The judge summoned the jury and told them he and the parties found it difficult to understand their requests. He did, however, explain that the transcript of the videos was not available because it was not introduced into evidence, but that the videotapes could be replayed. The judge then suggested that the jury consider breaking the jury instructions into sections and deal with one section at a time. The jury then returned to deliberate.

Fifteen minutes later, the jury returned a note that read: "A recap of New Jersey Statutes regarding charges 1 through 4, 5 through 8, 9 through 12 and 13." The note also read, "Definitions of: Prohibited sexual act, knowingly, and make available all videos to view." The jury returned to the courtroom, and the judge explained that he would address the request the next day.

The judge then advised counsel that the next day, he would ask the jurors whether they wanted him "to just give them the charges regarding counts 1 through 4, go back and deal with that, and then give them the charge on the next four, sort of break it up[.]" The defense objected to this proposed format because the State "decided what order those charges happened to flow in the indictment."

The next day, with the jury in the courtroom for clarification of the note it sent the previous day, the foreperson told the judge the jury was having difficulty not with the counts, but with "charges 1, 2 and 3, and they are very similar, and it's like we are having a hard time differentiating from each charge." The judge responded that he would recharge them on those counts, and asked if the jury wanted him to explain the first four counts and then allow the jury to deliberate, and then proceed to the next four counts, or if they preferred to hear all counts at once.

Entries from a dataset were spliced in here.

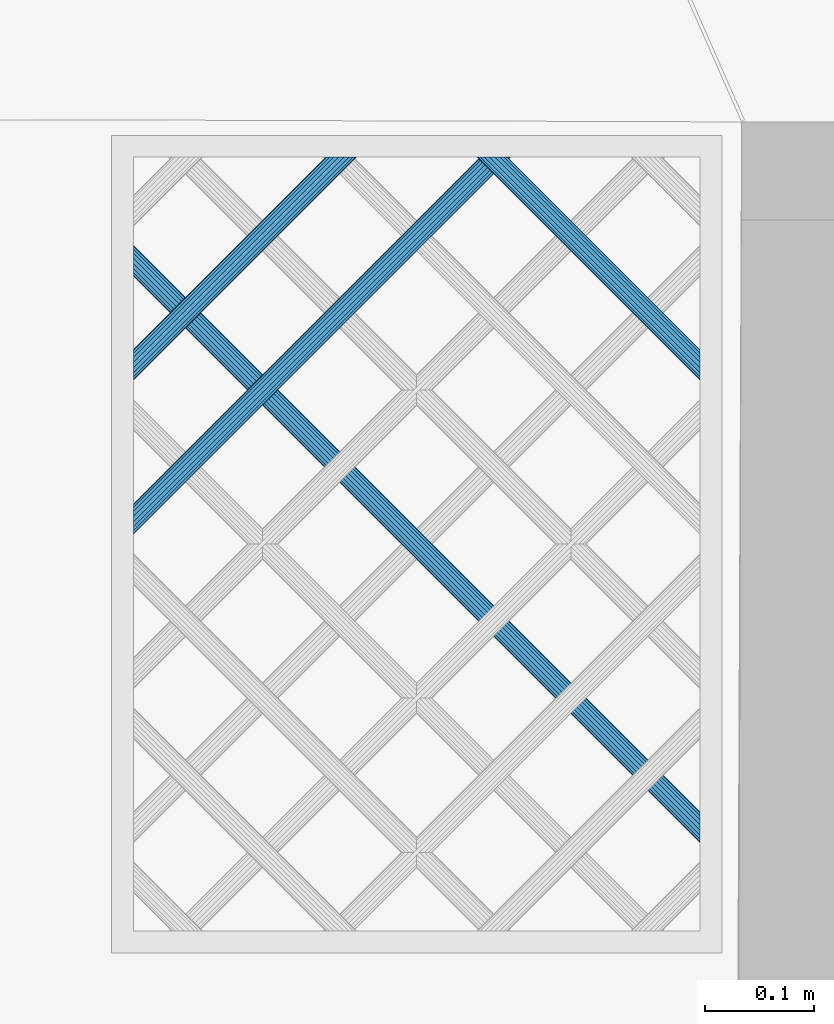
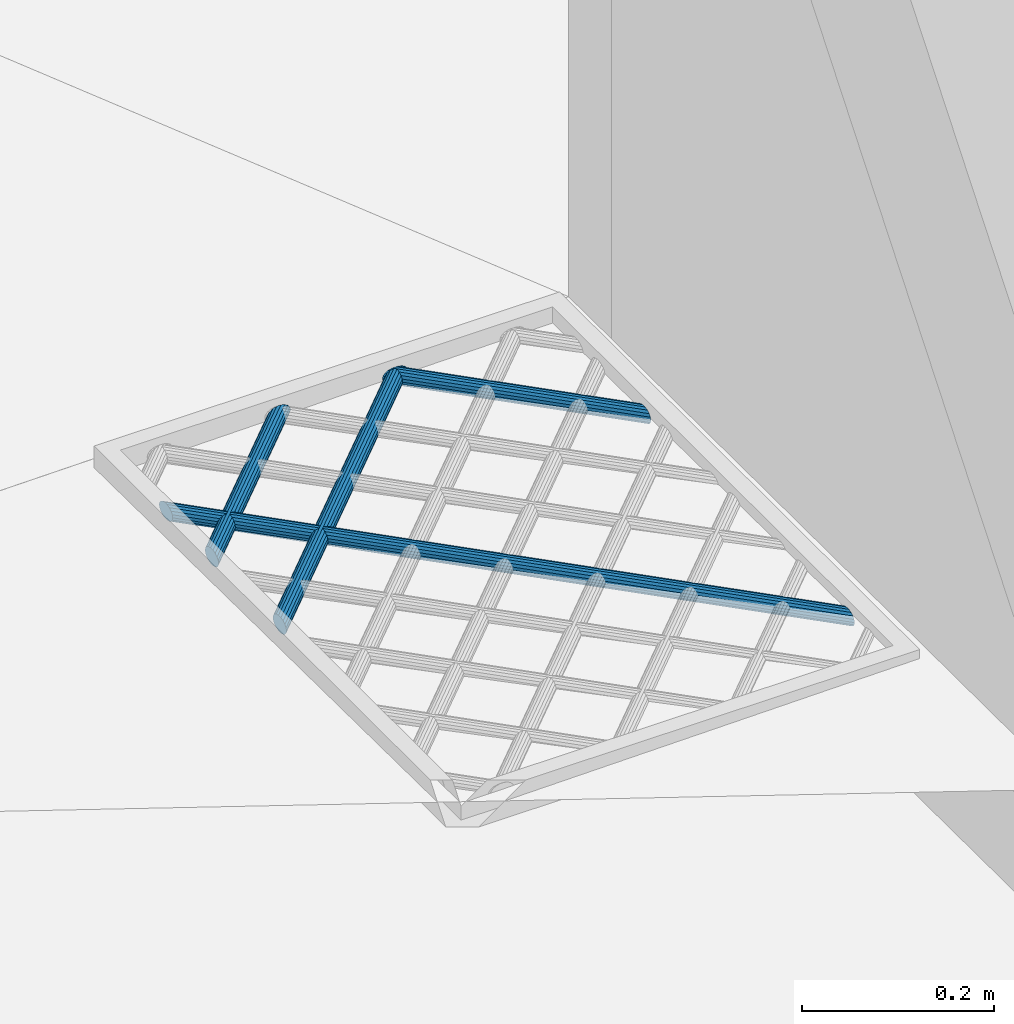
# One storey, part 54 of 133: 4 members, 1 element without a shape of its own.
"""IFC2X3 building model written with IfcOpenShell, lengths in centimetres."""

from ifc_helpers import new_model, entity, si_unit, converted_unit, direction, frame, origin, origin_with_axes, place, context, subcontext, project, spatial, faceted_brep, material, type_object, element, aggregate, save


model = new_model("IFC2X3")

# Units and contexts
model_context = context("Model", 3, precision=0.0001, world=origin(), true_north=direction((0.225632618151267, 0.974212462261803, 0.0)))
body_context = subcontext(model_context, "Body", "Model", "MODEL_VIEW")
ifc_project = project(units=[si_unit("LENGTHUNIT", "METRE", prefix="CENTI"), si_unit("AREAUNIT", "SQUARE_METRE", prefix="CENTI"), si_unit("VOLUMEUNIT", "CUBIC_METRE", prefix="CENTI"), converted_unit("PLANEANGLEUNIT", "DEGREE", entity("IfcRatioMeasure", 0.0174532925), si_unit("PLANEANGLEUNIT", "RADIAN"), dimensions=[0, 0, 0, 0, 0, 0, 0])], contexts=[model_context])

# Site, building, storey
site_placement = place(None, origin_with_axes())
site = spatial("IfcSite", under=ifc_project, at=site_placement, Name="Default Site", CompositionType="ELEMENT")
building_placement = place(site_placement, origin_with_axes())
building = spatial("IfcBuilding", under=site, at=building_placement, Name="Default Building", CompositionType="ELEMENT")
storey_placement = place(building_placement, frame((0.0, 0.0, -291.400371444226), z_axis=(0.0, 0.0, 1.0), x_axis=(1.0, 0.0, 0.0)))
storey = spatial("IfcBuildingStorey", under=building, at=storey_placement, Name="Rez-de-Jardin", CompositionType="ELEMENT", Elevation=-291.400371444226)

# Assembly, members
building_element_proxy_type = type_object("IfcBuildingElementProxyType", Name="Type Object", PredefinedType="NOTDEFINED")
assembly_placement = place(storey_placement, frame((-1322.94034957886, 694.801568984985, 108.0), z_axis=(0.0, 1.0, -2.38697950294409e-15), x_axis=(1.0, 0.0, 0.0)))
assembly = element("IfcElementAssembly", 1, at=assembly_placement, inside=storey, type_object=building_element_proxy_type, Name="Panneau 303645", ObjectType="Precast panel", PredefinedType="USERDEFINED")
ifc_material = material(Name="Aluminium satiné")
member_1_placement = place(assembly_placement, frame((22.4025189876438, 0.342020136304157, 73.0000019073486), z_axis=(1.16937634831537e-15, -1.43218776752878e-15, 1.0), x_axis=(0.632455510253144, -0.774596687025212, -1.84894641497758e-15)))
member_1 = element("IfcMember", 2, at=member_1_placement, material=ifc_material, Name="4294966981", context=body_context, shape_type="Brep", body=[
    faceted_brep([(6.66133814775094e-14, -2.22044604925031e-14, 5.55111512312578e-14), (-0.388289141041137, -2.22044604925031e-14, 5.4793225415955e-14), (-0.799165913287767, -0.150249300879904, 5.4033536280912e-14), (-1.18307196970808, -0.432624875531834, 5.33237145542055e-14), (-1.49370326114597, -0.813068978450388, 5.27493739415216e-14), (-1.69359245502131, -1.24569368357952, 5.2379789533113e-14), (-1.75863072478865, -1.67831892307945, 5.22595372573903e-14), (-1.68097287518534, -2.058763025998, 5.24031224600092e-14), (-1.46998625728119, -2.34113956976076, 5.27932254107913e-14), (-1.15111754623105, -2.49138806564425, 5.3382796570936e-14), (-0.76282840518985, -2.49138806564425, 5.41007223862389e-14), (-0.35195163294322, -2.34113876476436, 5.48604115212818e-14), (0.031954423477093, -2.05876319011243, 5.55702332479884e-14), (0.342585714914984, -1.67831908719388, 5.61445738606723e-14), (0.542474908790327, -1.24569438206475, 5.65141582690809e-14), (0.607513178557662, -0.813069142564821, 5.66344105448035e-14), (0.529855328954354, -0.432625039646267, 5.64908253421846e-14), (0.318868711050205, -0.150248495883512, 5.61007223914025e-14), (-12.6387579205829, -16.0200361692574, -20.4878091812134), (-12.3738302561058, -16.2363486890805, -20.4025208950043), (-12.1408567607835, -16.4265707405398, -20.1569437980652), (-11.9679375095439, -16.5677587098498, -19.7807013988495), (-11.8759290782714, -16.6428832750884, -19.3191707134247), (-11.8759290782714, -16.6428832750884, -18.8280165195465), (-11.9679375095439, -16.5677587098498, -18.3664858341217), (-12.1408567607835, -16.4265707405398, -17.990243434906), (-12.3738302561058, -16.2363486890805, -17.7446663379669), (-12.6387579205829, -16.0200361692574, -17.6593840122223), (-12.9036855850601, -15.8037236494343, -17.7446663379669), (-13.1366590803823, -15.613501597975, -17.990243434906), (-13.309578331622, -15.4723136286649, -18.3664858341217), (-13.4015867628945, -15.3971890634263, -18.8280165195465), (-13.4015867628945, -15.3971890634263, -19.3191707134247), (-13.309578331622, -15.4723136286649, -19.7807013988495), (-13.1366590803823, -15.613501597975, -20.1569437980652), (-12.9036855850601, -15.8037236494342, -20.4025208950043), (0.318868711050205, -0.150248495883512, 5.55111512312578e-14), (0.529855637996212, -0.432624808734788, -3.74318436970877e-07), (-12.3738306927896, -16.2363490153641, -20.402520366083), (-12.6387586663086, -16.0200367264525, -20.4878082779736), (0.529855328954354, -0.432625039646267, 5.55111512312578e-14), (0.607513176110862, -0.813069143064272, 1.93442058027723e-09), (-12.1408569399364, -16.4265707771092, -20.1569436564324), (-12.373831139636, -16.2363488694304, -20.4025201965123), (0.607513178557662, -0.813069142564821, 5.55111512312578e-14), (0.542475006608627, -1.24569439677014, -5.04749248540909e-08), (-11.9679381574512, -16.5677586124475, -19.7807010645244), (-12.1408569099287, -16.4265707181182, -20.1569437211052), (0.542474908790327, -1.24569438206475, 5.55111512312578e-14), (0.342585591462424, -1.67831903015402, 3.38954210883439e-08), (-11.8759295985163, -16.6428830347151, -19.3191705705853), (-11.9679379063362, -16.5677585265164, -19.7807012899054), (0.342585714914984, -1.67831908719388, 5.55111512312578e-14), (0.0319544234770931, -2.05876319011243, 5.55111512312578e-14), (0.031954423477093, -2.05876319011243, 5.55111512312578e-14), (-0.351951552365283, -2.3411388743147, 3.38954209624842e-08), (-11.9679375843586, -16.5677586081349, -18.3664858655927), (-11.8759292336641, -16.6428830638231, -18.8280165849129), (-0.35195163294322, -2.34113876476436, 5.55111512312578e-14), (-0.762828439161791, -2.49138797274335, -5.04749252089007e-08), (-12.1408567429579, -16.4265707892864, -17.990243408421), (-11.9679376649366, -16.5677582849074, -18.3664860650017), (-0.76282840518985, -2.49138806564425, 5.55111512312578e-14), (-1.15111754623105, -2.4913880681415, 1.93442137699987e-09), (-12.3738302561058, -16.2363481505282, -17.7446667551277), (-12.1408567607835, -16.4265709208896, -17.9902432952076), (-1.15111754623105, -2.49138806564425, 5.55111512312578e-14), (-1.46998609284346, -2.34113922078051, -3.74318437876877e-07), (-12.6387587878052, -16.0200380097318, -17.6593820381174), (-12.3738300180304, -16.2363481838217, -17.7446668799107), (-1.46998625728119, -2.34113956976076, 5.55111512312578e-14), (-1.6809731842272, -2.05876325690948, 3.7431854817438e-07), (-12.9036854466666, -15.8037235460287, -17.7446665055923), (-12.6387598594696, -16.0200376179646, -17.6593816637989), (-1.68097287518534, -2.058763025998, 5.55111512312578e-14), (-1.75863072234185, -1.67831892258, -1.93431162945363e-09), (-13.1366592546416, -15.6135016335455, -17.990243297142), (-12.903685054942, -15.8037235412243, -17.7446667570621), (-1.75863072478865, -1.67831892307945, 5.55111512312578e-14), (-1.69359255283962, -1.24569366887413, 5.04750364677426e-08), (-13.3095779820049, -15.4723136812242, -18.3664860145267), (-13.1366592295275, -15.6135015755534, -17.990243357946), (-1.69359245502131, -1.24569368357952, 5.55111512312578e-14), (-1.49370313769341, -0.813069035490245, -3.38953091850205e-08), (-13.4015864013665, -15.3971892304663, -18.8280166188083), (-13.3095780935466, -15.472313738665, -18.3664858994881), (-1.49370326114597, -0.813068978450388, 5.55111512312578e-14), (-1.18307196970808, -0.432624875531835, 5.55111512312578e-14), (-13.4015867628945, -15.3971890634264, -19.3191707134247), (-1.18307196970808, -0.432624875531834, 5.55111512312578e-14), (-0.799165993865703, -0.150249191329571, -3.38953095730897e-08), (-13.3095781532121, -15.4723138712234, -19.7807013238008), (-13.4015865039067, -15.3971894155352, -19.3191706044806), (-0.799165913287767, -0.150249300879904, 5.55111512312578e-14), (-0.388289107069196, -9.29009129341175e-08, 5.04750362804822e-08), (-13.1366589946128, -15.6135018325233, -20.1569436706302), (-13.3095780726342, -15.4723143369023, -19.7807010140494), (-0.388289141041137, -2.22044604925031e-14, 5.55111512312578e-14), (6.65876839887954e-14, 2.4972332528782e-09, -1.93431027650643e-09), (-12.9036855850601, -15.8037245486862, -20.4025201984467), (-13.1366590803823, -15.6135017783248, -20.1569436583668), (0.318868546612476, -0.150248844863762, 3.74318548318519e-07), (-12.638758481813, -16.0200373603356, -20.4878079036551), (-12.9036859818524, -15.8037244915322, -20.4025199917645)], [[[0, 1, 2, 3, 4, 5, 6, 7, 8, 9, 10, 11, 12, 13, 14, 15, 16, 17]], [[18, 19, 20, 21, 22, 23, 24, 25, 26, 27, 28, 29, 30, 31, 32, 33, 34, 35]], [[36, 37, 38, 39]], [[40, 41, 42, 43]], [[44, 45, 46, 47]], [[48, 49, 50, 51]], [[52, 53, 23, 22]], [[54, 55, 56, 57]], [[58, 59, 60, 61]], [[62, 63, 64, 65]], [[66, 67, 68, 69]], [[70, 71, 72, 73]], [[74, 75, 76, 77]], [[78, 79, 80, 81]], [[82, 83, 84, 85]], [[86, 87, 88, 31]], [[89, 90, 91, 92]], [[93, 94, 95, 96]], [[97, 98, 99, 100]], [[0, 101, 102, 103]]]),
])
member_2_placement = place(assembly_placement, frame((36.544653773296, 0.342020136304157, 73.0000019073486), z_axis=(1.16937492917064e-15, -1.4321947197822e-15, 1.0), x_axis=(0.632453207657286, -0.774598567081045, -1.84895090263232e-15)))
member_2 = element("IfcMember", 3, at=member_2_placement, material=ifc_material, Name="4294966980", context=body_context, shape_type="Brep", body=[
    faceted_brep([(4.44089209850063e-14, -2.77555756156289e-14, -4.44089209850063e-14), (-0.38828819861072, -2.22044604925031e-14, -4.51268468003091e-14), (-0.799165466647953, -0.150251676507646, -4.58865386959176e-14), (-1.18307068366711, -0.432628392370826, -4.65963605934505e-14), (-1.49370084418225, -0.813073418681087, -4.71707005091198e-14), (-1.69358875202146, -1.24569871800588, -4.75402834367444e-14), (-1.75862479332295, -1.6783229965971, -4.76605318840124e-14), (-1.68096675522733, -2.05876802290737, -4.75169459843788e-14), (-1.46997929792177, -2.34114393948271, -4.71268405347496e-14), (-1.15111014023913, -2.49139148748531, -4.65372671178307e-14), (-0.762820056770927, -2.49138917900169, -4.5819337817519e-14), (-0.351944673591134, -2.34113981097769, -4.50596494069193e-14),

The foreperson expressed a preference for the first option. None of the other jurors disagreed.

In keeping with the jury's expressed preference, the judge proceeded to recharge the jury at first only on counts one through four. The instructions given were very similar to the instructions on counts one through four given the previous day, except that this time the judge also explained that counts one and two pertained to defendant's own children, while counts three and four did not. The judge again defined the term "knowingly," using the same definition given the previous day. In his definition of "prohibited sexual act," the judge explained that under counts one through four "[t]he first element requires that the defendant act knowingly, knowingly cause or permit a child to engage in or simulate a prohibited sexual act." The judge also explained that the "prohibited sexual act referred to is nudity, but nudity if depicted for the purpose of sexual stimulation or gratification of any person who may view such depiction."

After recharging the jury on counts one through four, the judge suggested that the jury deliberate and then reconvene for the next portion of the recharge. Approximately an hour later, the jury asked to view the video "regarding Great Adventure and the basketball tapes." After watching the video, the jury deliberated for an additional twenty minutes, after which it returned a verdict of guilty on all thirteen counts.